Several other groups fled their countries and came to Allston-Brighton as refugees. Since the late 1970s, Haitians came to escape the political and economic hardships in Haiti, while Cambodians and Vietnamese arrived in Allston-Brighton under refugee programs following the Vietnam war. Since the 1980s, Soviet Jewish refugees have also settled in the neighborhood in large numbers, making Russian and Ukrainian grocery stores a common sight along Harvard and Commonwealth Avenues.
As of 2010, the three largest immigrant groups in Allston-Brighton were Chinese, Brazilian, and Russian. Brazilians started arriving in greater numbers in the 1980s in response to inflation and unemployment in their homeland, and according to the Boston Globe in 1989, were “highly visible at several locations, including BU’s Malvern Field where between 50 and 100 Brazilians regularly play soccer on Sundays.” By the late 1990s, St. Anthony’s Church, built in 1895 to minister to the Irish and Italian butchers and stockyard workers of Lower Allston, claimed a sizable Brazilian community.
Allston-Brighton’s foreign-born population peaked in the early 21st century, making up more than 30 percent of the total population. By 2016, it had fallen to 26 percent, likely because of growing student populations, rising housing costs, and gentrification. Despite their shrinking numbers, the foreign-born of Allston-Brighton remain visible on the streetscape with the vast number and variety of ethnic food shops and stores along Harvard and Brighton Avenues. Chinese, Brazilian, and Mexican businesses still maintain a presence, but Koreans now dominate the street: one-third of Boston’s Korean population lives in Allston-Brighton, a 54 percent increase from the previous decade. Immigrants, an essential part of Allston-Brighton’s workforce and community since the cattle industry days, thus continue to power and stabilize the community.
Dorchester
A separate town until annexed by Boston in 1870, Dorchester attracted successive waves of Irish, Jewish, and other immigrants attracted by its extensive streetcar lines and triple decker homes. Today Haitians, Vietnamese, West Indians and Cape Verdeans call this neighborhood home.

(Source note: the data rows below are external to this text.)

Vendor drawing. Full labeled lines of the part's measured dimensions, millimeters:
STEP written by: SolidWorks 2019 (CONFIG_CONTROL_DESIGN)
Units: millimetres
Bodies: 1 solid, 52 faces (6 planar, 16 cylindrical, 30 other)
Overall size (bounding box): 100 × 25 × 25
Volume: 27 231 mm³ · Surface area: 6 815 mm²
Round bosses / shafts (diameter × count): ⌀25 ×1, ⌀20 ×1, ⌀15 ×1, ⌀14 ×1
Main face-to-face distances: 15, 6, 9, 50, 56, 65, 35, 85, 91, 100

Puritans began settling in Dorchester in 1630, many of them coming from Dorsetshire, England, which inspired the town’s name. Their first houses and a fort were built in the Savin Hill area, along what would become Pleasant Street. Later settlements developed in what is now Field’s Corner and Mattapan Square.

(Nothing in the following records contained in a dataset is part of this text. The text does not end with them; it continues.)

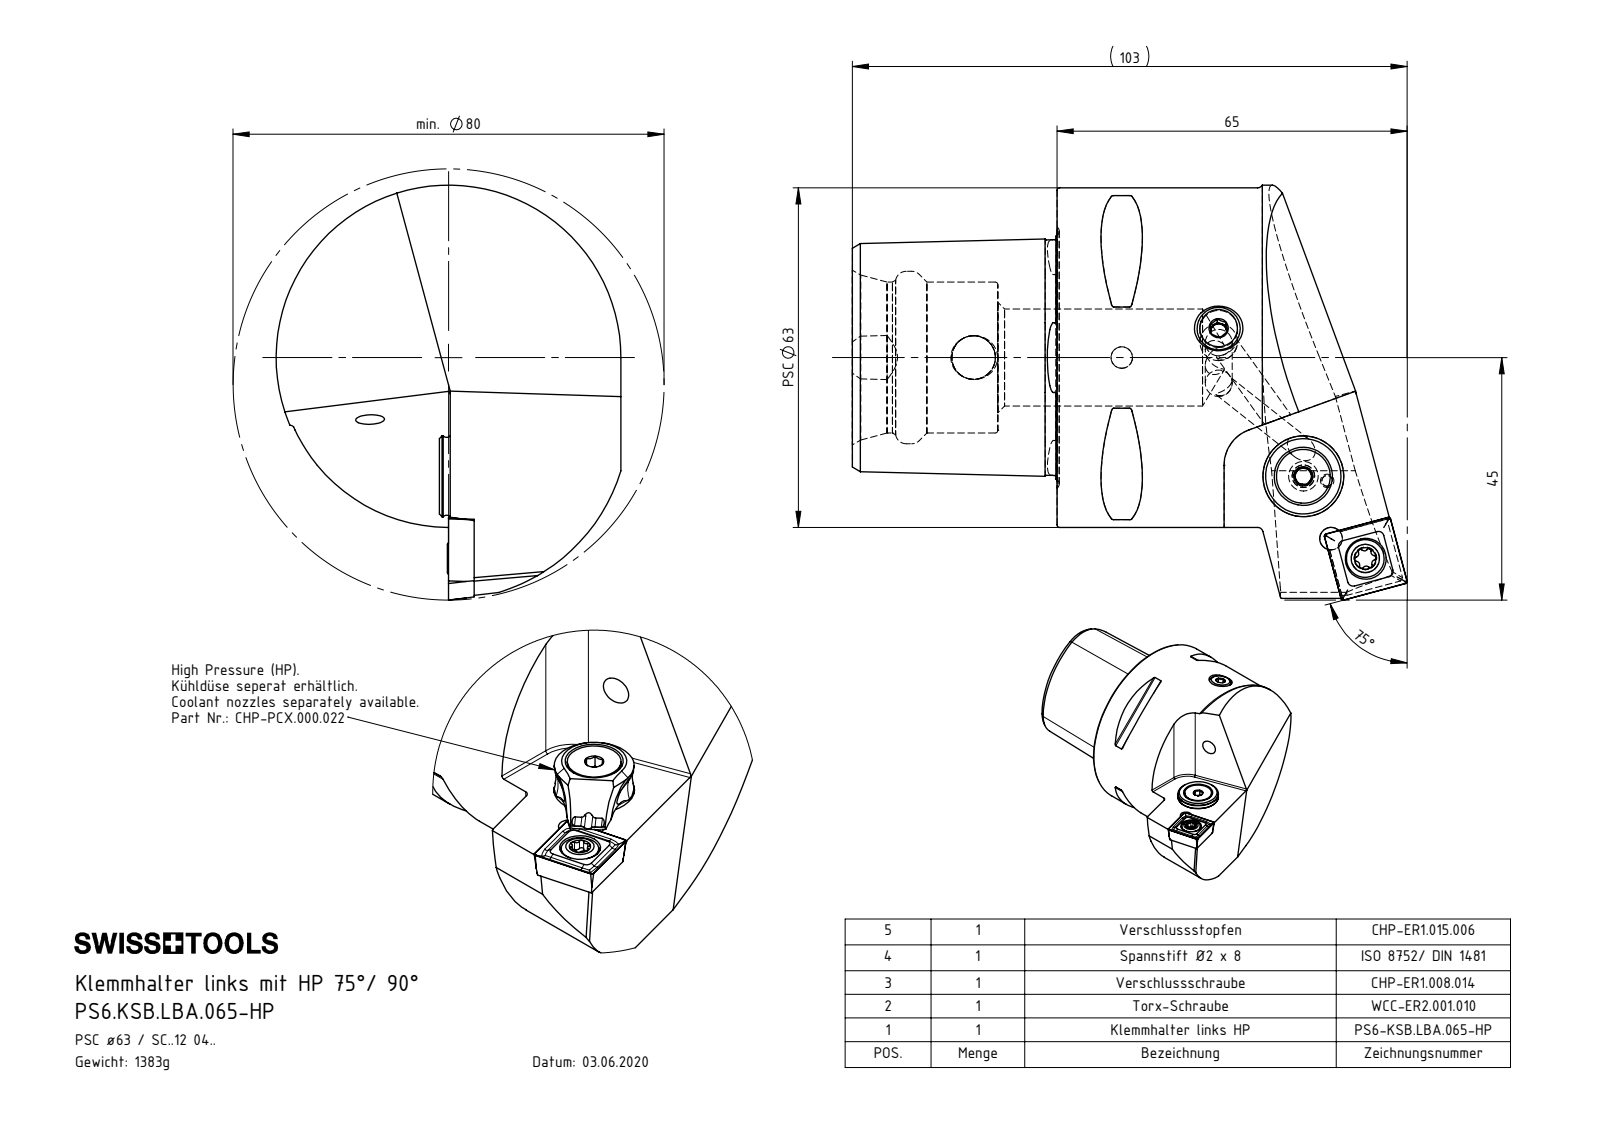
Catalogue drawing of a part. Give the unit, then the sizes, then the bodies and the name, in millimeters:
Units: millimetres
Overall size (bounding box): 103 × 77 × 64
Round holes (diameter × count): ⌀4.2 ×4, ⌀5 ×2, ⌀1.2 ×1, ⌀2 ×1, ⌀2.5 ×1, ⌀3 ×1, ⌀4 ×1, ⌀5.2 ×1, ⌀5.5 ×1, ⌀7 ×1, ⌀7.6 ×1, ⌀8.1 ×1
Round bosses / shafts (diameter × count): ⌀5 ×2, ⌀63 ×1, ⌀15 ×1, ⌀13.4 ×1, ⌀10 ×1, ⌀8 ×1, ⌀7 ×1, ⌀5.5 ×1
Partial cylindrical surfaces — rounded edges, fillets, slot ends (radius × count): R0.5 ×10, R0.39 ×6, R0.69 ×3, R0.69 ×3, R6 ×1, R7 ×1, R32 ×1, R34 ×1
Main face-to-face distances: 38, 24.88, 31.7, 27.2, 4.5, 27, 11, 27.24, 4.46, 69
Hole centre spacings: 4.49, 7.36, 7.45, 10.72, 12.65, 16.04, 16.12, 19.1
Volume: 176 061 mm³ · Surface area: 31 969 mm²
Bodies: 8 solids, 373 faces (89 planar, 99 cylindrical, 185 other)
Part name (STEP PRODUCT): CHP-ER1.015.006_A; CHP-ER1.015.006; SCMT120404; CHP-ER1.008.014_A (+6 more)
STEP written by: SolidWorks 2017 (AUTOMOTIVE_DESIGN)

During the mid-1800s, an influx of Irish Catholic immigrants changed the ethnic and religious makeup of the area, particularly in the northern end of Dorchester closest to Boston and along the Neponset River where a chocolate factory and other mills offered employment. Efforts to build a Catholic Church in Dorchester met significant resistance from native-born Protestant residents. In 1854, a partially constructed church building in Lower Mills was destroyed in a fire that many believed was set by the Know-Nothings, a nativist political group. Eight years later, the Boston Archdiocese established St. Gregory parish in the same area, and a new church building was erected in 1863.

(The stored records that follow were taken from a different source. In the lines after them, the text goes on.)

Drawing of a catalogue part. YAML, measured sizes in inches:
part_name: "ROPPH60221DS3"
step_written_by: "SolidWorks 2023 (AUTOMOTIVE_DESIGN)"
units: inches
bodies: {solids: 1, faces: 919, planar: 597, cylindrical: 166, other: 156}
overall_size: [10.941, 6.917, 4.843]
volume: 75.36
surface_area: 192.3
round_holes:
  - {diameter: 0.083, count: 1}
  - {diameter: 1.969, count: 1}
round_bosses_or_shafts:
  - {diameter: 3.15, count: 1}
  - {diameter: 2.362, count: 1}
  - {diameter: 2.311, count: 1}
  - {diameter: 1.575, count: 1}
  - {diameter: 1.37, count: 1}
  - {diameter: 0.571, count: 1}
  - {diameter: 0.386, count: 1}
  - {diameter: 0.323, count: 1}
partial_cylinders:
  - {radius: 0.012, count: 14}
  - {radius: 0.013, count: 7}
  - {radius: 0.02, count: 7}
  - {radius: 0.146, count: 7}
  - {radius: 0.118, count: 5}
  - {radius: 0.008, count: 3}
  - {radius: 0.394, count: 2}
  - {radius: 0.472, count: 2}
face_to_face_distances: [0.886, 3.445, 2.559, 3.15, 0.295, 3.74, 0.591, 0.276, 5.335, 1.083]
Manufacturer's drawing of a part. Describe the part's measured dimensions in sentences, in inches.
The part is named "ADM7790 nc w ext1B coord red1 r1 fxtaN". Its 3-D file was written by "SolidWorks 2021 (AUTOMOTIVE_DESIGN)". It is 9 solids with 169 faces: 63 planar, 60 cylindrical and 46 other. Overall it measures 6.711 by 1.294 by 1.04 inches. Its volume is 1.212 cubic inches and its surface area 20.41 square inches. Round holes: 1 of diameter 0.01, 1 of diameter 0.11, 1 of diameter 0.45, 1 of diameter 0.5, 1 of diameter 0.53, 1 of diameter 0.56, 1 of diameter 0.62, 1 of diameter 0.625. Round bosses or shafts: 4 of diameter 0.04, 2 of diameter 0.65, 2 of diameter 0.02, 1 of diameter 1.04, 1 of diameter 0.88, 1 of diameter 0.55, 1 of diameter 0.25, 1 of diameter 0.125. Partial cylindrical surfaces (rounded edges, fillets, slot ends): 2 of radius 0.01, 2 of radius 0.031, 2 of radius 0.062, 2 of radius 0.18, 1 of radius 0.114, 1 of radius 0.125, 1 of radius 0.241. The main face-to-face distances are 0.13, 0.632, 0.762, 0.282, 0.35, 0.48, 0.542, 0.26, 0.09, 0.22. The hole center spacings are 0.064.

Over the course of the 19th century, Dorchester’s growing population transformed the region from farmland into a more suburban environment, attracting migrants who needed access to the city. In the 1830s and 1840s, the Boston & Providence and Old Colony railroad lines came to Dorchester, and in 1857, an electric tram service made Dorchester a “streetcar suburb,” spurring the construction of single-family homes. In 1870, the City of Boston annexed the town of Dorchester, and its population would surge from 12,000 to more than 100,000 by the early 20th century.
Around this time, a second Catholic parish, St. Peter, was established to serve the growing Catholic immigrant communities of north Dorchester. The construction of St. Peter’s church in Meeting House Hill began in 1872 and was spearheaded by Father Peter Rowan, an Irish immigrant who raised building funds from nearby Irish female domestics, along with financial contributions from their non-Catholic employers. The huge gothic church, topped by a grand tower, seated more than a thousand and could be seen for miles around. In the ensuing decades, the parish built a rectory, school, and convent and spun off several other Catholic parishes including St. Margaret, St. Leo, and St. Paul.
Beginning in the 1890s, triple decker residences became common in Dorchester. Generally built along the streetcar lines, these structures appealed to builders because they cost considerably less than other dwellings. Italian, Irish, Polish, and Jewish immigrants all lived in these multi-family dwellings, and by 1910 the foreign born made up 27 percent of Dorchester’s population. Immigrants from Ireland, Canada, and Russia (mainly Jews) made up the largest percentages, respectively. The foreign-born population continued to grow for the next twenty years, peaking at 30 percent in 1930, with notable increases in Italians, Poles, and Lithuanians.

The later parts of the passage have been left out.